The threat of political imprisonment affects the work of people and organizations who are engaged in human rights advocacy or who are involved in commercial activity in China, including U.S. citizens. The chilling effects of political imprisonment result in lost opportunities for the Chinese government to make progress on and for Chinese citizens to enjoy the development of human rights and the rule of law.
We note in particular two alarming trends. First, the Internet appears to have spawned a new class of political prisoners in China. Chinese citizens are going to jail for posting essays online critical of the government or for trying to organize political opposition online. Many citizens who criticize the government on blogs and comment boards go unpunished!at most their comment is deleted. But individuals with a track record of human rights advocacy, political activism, grass roots organizing or opposition to the Communist Party are being targeted systematically. The most common charges against these citizens are the crime of subversion, which carries a sentence of up to life imprisonment, and inciting subversion, which carries a sentence of up to 15 years.

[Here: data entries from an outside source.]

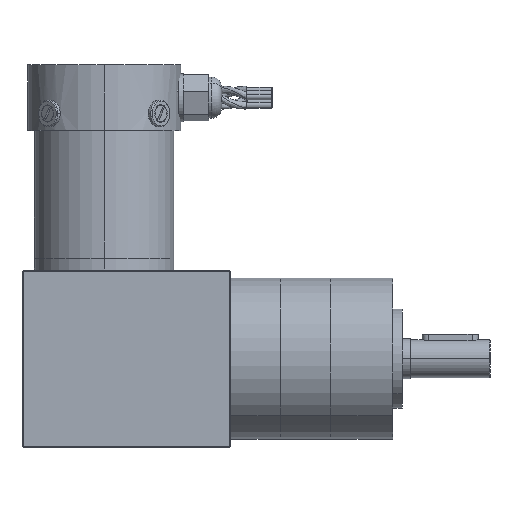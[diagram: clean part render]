
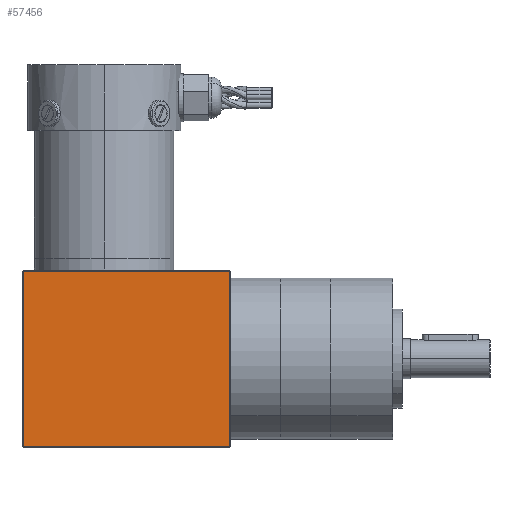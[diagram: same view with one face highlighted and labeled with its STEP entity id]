
A CAD part, top view. The second image highlights one B-rep face of the part: STEP entity #57456.
In plain terms, the highlighted planar face has unit normal (0, 0, 1).
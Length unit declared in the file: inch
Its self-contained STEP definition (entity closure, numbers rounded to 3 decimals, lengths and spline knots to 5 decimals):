
#119 = VERTEX_POINT ( 'NONE', #13893 ) ;
#1781 = DIRECTION ( 'NONE',  ( -1., 0., 0. ) ) ;
#1854 = DIRECTION ( 'NONE',  ( 0., -1., 0. ) ) ;
#2200 = CARTESIAN_POINT ( 'NONE',  ( 7.80937, 3.82216, 4.3302 ) ) ;
#2747 = LINE ( 'NONE', #42813, #17435 ) ;
#4191 = FACE_OUTER_BOUND ( 'NONE', #41843, .T. ) ;
#6505 = EDGE_CURVE ( 'NONE', #24505, #119, #17594, .T. ) ;
#7947 = LINE ( 'NONE', #24683, #36506 ) ;
#8881 = DIRECTION ( 'NONE',  ( 1., 0., 0. ) ) ;
#9141 = LINE ( 'NONE', #44336, #16803 ) ;
#12779 = VERTEX_POINT ( 'NONE', #21487 ) ;
#12817 = DIRECTION ( 'NONE',  ( 0., 1., 0. ) ) ;
#13058 = ORIENTED_EDGE ( 'NONE', *, *, #19682, .T. ) ;
#13893 = CARTESIAN_POINT ( 'NONE',  ( 3.72437, 3.82216, 4.3302 ) ) ;
#16235 = DIRECTION ( 'NONE',  ( 1., 0., 0. ) ) ;
#16803 = VECTOR ( 'NONE', #12817, 39.37008 ) ;
#17435 = VECTOR ( 'NONE', #16235, 39.37008 ) ;
#17594 = LINE ( 'NONE', #50462, #31501 ) ;
#19682 = EDGE_CURVE ( 'NONE', #51938, #24505, #9141, .T. ) ;
#21487 = CARTESIAN_POINT ( 'NONE',  ( 3.72437, 0.36216, 4.3302 ) ) ;
#22414 = PLANE ( 'NONE',  #42021 ) ;
#22924 = ORIENTED_EDGE ( 'NONE', *, *, #27671, .T. ) ;
#24505 = VERTEX_POINT ( 'NONE', #2200 ) ;
#24683 = CARTESIAN_POINT ( 'NONE',  ( 3.72437, 0.34216, 4.3302 ) ) ;
#27671 = EDGE_CURVE ( 'NONE', #119, #12779, #7947, .T. ) ;
#31501 = VECTOR ( 'NONE', #1781, 39.37008 ) ;
#34365 = ORIENTED_EDGE ( 'NONE', *, *, #52496, .T. ) ;
#35531 = CARTESIAN_POINT ( 'NONE',  ( 5.76687, 2.09216, 4.3302 ) ) ;
#36506 = VECTOR ( 'NONE', #1854, 39.37008 ) ;
#41843 = EDGE_LOOP ( 'NONE', ( #34365, #13058, #47551, #22924 ) ) ;
#42021 = AXIS2_PLACEMENT_3D ( 'NONE', #35531, #57363, #8881 ) ;
#42813 = CARTESIAN_POINT ( 'NONE',  ( 7.82937, 0.36216, 4.3302 ) ) ;
#44336 = CARTESIAN_POINT ( 'NONE',  ( 7.80937, 3.84216, 4.3302 ) ) ;
#47551 = ORIENTED_EDGE ( 'NONE', *, *, #6505, .T. ) ;
#50462 = CARTESIAN_POINT ( 'NONE',  ( 3.70437, 3.82216, 4.3302 ) ) ;
#51938 = VERTEX_POINT ( 'NONE', #56579 ) ;
#52496 = EDGE_CURVE ( 'NONE', #12779, #51938, #2747, .T. ) ;
#56579 = CARTESIAN_POINT ( 'NONE',  ( 7.80937, 0.36216, 4.3302 ) ) ;
#57363 = DIRECTION ( 'NONE',  ( 0., 0., 1. ) ) ;
#57456 = ADVANCED_FACE ( 'NONE', ( #4191 ), #22414, .T. ) ;

Individuals are imprisoned on these charges for doing nothing more than criticizing the Communist Party, without any advocacy of violence.
The second trend is the government's harsh crackdown on lawyers and human rights defenders. Over the last two years, several lawyers who represent human rights advocates!including house church members, HIV/AIDS activists, Falun Gong practitioners, and Tibetan and Uyghurs!have been harassed and abused by the government because of their clients and the causes they represent.
Among the most outrageous and cruel examples of abuse by the government is the disappearance of Gao Zhisheng. One of China's greatest human rights lawyers, Mr. Gao endured jail and torture because of his fearless advocacy and commitment to speak the truth as he knew it. Last year, he was then abducted from his home by security agents after his wife and two children left China to seek asylum in the United States.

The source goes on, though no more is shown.